TASK PROMPT -
Counting task for the data below: how many lines hold the word "color"? Answer with the number only.

DATA FOR REVIEW -

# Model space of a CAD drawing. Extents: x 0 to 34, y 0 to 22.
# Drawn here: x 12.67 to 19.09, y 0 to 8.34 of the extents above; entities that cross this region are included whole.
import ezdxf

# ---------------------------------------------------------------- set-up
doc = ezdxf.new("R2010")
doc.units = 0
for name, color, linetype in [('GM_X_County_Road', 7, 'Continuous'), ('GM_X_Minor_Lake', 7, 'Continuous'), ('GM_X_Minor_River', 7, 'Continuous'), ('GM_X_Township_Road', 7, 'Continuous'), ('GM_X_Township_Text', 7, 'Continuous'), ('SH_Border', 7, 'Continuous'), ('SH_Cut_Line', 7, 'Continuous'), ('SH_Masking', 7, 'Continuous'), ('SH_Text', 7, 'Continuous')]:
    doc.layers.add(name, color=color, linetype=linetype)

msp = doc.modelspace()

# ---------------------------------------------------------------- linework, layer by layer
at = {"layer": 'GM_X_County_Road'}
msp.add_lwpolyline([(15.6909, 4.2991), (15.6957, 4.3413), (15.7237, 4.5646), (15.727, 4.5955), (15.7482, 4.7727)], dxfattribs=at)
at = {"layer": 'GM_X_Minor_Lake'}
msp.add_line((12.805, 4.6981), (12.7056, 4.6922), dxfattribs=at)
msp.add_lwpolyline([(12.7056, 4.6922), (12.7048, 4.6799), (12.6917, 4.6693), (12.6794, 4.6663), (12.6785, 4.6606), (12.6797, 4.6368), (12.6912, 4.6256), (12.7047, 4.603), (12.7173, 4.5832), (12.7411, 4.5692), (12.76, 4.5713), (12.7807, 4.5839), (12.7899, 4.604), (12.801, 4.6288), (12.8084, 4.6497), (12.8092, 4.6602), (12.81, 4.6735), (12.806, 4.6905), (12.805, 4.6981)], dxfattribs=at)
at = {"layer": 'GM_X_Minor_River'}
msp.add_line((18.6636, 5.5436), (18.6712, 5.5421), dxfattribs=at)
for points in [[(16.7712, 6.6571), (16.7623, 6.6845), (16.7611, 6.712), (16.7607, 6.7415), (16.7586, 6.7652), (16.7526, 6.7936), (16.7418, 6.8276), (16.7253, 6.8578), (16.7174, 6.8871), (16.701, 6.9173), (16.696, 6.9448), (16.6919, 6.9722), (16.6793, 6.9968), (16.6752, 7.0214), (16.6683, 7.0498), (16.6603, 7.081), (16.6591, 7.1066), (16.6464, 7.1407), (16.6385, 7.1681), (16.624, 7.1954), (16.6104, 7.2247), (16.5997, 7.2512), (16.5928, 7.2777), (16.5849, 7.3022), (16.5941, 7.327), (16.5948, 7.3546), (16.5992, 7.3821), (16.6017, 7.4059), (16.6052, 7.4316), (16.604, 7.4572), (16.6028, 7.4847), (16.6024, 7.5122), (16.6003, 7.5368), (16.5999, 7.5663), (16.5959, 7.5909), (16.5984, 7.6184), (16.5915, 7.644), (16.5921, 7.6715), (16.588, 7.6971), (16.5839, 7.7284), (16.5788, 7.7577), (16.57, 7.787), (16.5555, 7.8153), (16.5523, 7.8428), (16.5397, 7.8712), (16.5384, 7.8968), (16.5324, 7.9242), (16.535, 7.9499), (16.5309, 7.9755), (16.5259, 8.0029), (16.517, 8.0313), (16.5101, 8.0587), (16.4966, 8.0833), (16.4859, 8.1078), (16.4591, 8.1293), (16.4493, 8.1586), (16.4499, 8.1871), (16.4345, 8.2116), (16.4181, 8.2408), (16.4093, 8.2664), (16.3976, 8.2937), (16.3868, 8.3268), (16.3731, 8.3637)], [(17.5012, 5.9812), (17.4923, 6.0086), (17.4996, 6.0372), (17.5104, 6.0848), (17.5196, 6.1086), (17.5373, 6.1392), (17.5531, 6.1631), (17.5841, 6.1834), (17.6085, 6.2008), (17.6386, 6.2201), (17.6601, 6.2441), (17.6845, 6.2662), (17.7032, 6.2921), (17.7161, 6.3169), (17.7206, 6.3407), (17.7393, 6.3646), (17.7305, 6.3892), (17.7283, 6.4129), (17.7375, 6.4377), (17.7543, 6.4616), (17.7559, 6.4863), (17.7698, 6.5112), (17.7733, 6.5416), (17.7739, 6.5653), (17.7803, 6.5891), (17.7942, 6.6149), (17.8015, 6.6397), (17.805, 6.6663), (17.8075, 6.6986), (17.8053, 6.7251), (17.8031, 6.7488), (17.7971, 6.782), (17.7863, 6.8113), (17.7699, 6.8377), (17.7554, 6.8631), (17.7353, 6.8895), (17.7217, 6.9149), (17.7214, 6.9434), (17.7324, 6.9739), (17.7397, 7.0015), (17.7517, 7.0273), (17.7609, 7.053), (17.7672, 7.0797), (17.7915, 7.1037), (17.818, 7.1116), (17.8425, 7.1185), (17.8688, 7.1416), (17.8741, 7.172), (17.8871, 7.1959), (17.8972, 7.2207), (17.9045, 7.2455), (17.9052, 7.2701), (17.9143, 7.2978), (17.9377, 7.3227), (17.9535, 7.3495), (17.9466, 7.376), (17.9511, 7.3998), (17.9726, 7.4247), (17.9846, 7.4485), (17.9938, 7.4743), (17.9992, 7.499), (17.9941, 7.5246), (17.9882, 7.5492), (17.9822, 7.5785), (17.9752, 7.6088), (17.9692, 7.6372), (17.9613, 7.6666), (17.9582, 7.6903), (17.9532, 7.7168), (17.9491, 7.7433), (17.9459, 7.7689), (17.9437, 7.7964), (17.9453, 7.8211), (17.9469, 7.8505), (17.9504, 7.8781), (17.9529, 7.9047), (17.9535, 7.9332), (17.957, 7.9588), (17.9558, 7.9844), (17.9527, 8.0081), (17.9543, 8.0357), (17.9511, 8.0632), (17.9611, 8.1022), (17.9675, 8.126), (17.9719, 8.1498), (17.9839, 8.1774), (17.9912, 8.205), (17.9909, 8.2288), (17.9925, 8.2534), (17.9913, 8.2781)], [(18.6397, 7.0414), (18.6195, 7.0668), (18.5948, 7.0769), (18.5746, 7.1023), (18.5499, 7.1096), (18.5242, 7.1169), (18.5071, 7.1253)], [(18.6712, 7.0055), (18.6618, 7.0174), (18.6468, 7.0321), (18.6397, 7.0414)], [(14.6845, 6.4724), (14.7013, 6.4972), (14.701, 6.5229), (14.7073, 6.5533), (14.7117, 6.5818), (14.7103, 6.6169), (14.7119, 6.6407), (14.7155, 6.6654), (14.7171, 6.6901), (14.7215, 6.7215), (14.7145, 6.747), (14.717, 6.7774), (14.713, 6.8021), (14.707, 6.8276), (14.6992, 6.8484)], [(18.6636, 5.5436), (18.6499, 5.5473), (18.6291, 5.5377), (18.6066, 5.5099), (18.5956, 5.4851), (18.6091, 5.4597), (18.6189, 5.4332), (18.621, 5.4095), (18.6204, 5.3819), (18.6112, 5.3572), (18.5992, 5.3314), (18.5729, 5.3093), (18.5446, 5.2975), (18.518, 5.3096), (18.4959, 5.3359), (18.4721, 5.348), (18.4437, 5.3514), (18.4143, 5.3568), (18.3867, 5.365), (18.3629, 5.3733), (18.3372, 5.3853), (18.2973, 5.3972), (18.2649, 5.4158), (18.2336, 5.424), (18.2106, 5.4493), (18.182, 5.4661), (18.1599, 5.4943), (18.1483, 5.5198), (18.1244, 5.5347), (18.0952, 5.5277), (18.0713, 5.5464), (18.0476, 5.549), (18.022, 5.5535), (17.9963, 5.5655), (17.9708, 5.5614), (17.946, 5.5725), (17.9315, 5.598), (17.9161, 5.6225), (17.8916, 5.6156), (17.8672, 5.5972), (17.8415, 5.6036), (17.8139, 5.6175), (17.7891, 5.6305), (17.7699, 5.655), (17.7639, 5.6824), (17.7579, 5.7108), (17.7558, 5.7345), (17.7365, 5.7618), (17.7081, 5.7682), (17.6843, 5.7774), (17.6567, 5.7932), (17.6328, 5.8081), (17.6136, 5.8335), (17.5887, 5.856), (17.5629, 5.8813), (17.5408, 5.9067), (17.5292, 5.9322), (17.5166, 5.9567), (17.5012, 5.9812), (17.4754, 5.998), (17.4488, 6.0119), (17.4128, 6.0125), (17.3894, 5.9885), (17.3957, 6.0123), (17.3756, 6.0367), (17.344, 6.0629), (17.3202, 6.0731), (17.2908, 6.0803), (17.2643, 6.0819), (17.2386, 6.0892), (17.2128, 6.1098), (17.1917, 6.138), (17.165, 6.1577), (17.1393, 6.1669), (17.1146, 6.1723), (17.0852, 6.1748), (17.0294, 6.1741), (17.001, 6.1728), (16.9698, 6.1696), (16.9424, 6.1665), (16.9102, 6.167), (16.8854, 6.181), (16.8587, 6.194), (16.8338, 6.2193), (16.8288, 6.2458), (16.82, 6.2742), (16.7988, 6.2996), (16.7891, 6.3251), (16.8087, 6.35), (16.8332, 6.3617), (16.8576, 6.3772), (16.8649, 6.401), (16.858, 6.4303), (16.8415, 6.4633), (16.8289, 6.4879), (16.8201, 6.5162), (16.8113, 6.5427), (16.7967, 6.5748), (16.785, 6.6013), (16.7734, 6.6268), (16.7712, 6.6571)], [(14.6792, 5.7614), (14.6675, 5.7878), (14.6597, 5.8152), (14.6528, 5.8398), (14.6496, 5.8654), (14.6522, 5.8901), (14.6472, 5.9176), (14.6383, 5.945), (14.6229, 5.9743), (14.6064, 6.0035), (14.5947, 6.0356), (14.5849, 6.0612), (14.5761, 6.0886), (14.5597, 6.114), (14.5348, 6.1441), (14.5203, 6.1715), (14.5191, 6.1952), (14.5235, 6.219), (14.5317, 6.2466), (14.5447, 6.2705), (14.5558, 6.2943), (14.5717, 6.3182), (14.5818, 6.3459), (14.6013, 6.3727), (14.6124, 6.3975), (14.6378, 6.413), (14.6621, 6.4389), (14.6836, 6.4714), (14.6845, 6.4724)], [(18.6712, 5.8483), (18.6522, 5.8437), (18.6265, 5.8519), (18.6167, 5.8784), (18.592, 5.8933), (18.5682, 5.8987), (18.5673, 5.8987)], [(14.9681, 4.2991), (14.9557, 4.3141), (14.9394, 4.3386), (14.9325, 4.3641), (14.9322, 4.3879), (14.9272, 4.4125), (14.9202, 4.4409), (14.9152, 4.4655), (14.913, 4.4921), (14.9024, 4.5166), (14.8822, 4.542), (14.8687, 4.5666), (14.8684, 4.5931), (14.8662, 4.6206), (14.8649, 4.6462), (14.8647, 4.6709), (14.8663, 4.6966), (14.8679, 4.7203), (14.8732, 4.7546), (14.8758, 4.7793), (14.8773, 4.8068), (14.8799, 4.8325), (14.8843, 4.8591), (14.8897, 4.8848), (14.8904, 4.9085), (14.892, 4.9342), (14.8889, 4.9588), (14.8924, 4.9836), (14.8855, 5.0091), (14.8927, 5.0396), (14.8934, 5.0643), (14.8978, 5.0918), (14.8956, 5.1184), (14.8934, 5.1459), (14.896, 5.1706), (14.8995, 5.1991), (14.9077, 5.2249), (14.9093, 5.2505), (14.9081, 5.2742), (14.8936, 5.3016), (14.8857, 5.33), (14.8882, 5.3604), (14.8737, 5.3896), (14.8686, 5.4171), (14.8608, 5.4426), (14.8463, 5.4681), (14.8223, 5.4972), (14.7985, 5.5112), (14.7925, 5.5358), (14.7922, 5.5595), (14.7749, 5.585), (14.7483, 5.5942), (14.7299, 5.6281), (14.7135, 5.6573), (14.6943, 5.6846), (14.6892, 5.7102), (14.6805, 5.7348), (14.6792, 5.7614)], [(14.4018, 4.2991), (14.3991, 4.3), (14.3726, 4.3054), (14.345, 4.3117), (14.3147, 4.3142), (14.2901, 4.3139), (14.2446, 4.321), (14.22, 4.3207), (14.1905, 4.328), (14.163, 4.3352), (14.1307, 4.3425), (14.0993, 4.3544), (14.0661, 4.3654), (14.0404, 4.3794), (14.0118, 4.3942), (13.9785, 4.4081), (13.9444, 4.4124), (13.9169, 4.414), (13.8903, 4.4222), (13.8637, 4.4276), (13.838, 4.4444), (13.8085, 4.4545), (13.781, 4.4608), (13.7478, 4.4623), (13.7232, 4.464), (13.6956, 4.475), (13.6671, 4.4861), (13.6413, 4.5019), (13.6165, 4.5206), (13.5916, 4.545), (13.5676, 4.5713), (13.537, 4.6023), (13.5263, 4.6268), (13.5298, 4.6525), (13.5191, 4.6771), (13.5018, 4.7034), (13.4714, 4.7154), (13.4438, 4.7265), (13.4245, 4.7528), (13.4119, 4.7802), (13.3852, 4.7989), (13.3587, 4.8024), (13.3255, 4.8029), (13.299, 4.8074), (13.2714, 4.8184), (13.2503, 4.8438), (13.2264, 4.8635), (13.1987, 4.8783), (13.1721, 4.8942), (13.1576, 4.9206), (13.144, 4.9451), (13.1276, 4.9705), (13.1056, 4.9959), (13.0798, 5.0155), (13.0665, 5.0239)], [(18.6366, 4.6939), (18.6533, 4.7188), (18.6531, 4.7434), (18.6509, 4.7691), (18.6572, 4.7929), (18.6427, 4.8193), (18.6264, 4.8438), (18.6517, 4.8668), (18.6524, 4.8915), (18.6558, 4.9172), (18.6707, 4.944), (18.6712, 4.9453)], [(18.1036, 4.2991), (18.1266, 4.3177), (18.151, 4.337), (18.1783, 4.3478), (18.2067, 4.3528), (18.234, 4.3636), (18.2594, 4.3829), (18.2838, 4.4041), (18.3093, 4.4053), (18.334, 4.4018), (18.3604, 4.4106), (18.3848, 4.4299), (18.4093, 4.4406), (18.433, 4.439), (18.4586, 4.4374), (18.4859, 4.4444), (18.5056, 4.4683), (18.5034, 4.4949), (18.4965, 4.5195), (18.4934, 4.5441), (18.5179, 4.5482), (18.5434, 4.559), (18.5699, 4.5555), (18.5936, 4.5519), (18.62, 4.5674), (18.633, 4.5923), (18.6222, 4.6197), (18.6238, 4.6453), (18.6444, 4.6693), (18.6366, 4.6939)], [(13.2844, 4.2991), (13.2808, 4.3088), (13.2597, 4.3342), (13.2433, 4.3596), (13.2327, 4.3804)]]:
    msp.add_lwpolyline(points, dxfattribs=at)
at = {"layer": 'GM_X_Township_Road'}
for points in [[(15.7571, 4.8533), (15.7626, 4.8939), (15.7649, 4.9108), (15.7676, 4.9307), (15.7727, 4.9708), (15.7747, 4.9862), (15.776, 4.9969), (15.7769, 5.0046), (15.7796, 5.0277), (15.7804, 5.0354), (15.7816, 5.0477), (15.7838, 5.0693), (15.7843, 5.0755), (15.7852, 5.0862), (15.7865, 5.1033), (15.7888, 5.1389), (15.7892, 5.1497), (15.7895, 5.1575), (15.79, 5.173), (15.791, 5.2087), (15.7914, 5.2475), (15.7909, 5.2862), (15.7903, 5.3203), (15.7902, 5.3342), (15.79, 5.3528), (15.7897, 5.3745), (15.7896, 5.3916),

RESPONSE FOR THIS EXERCISE -
2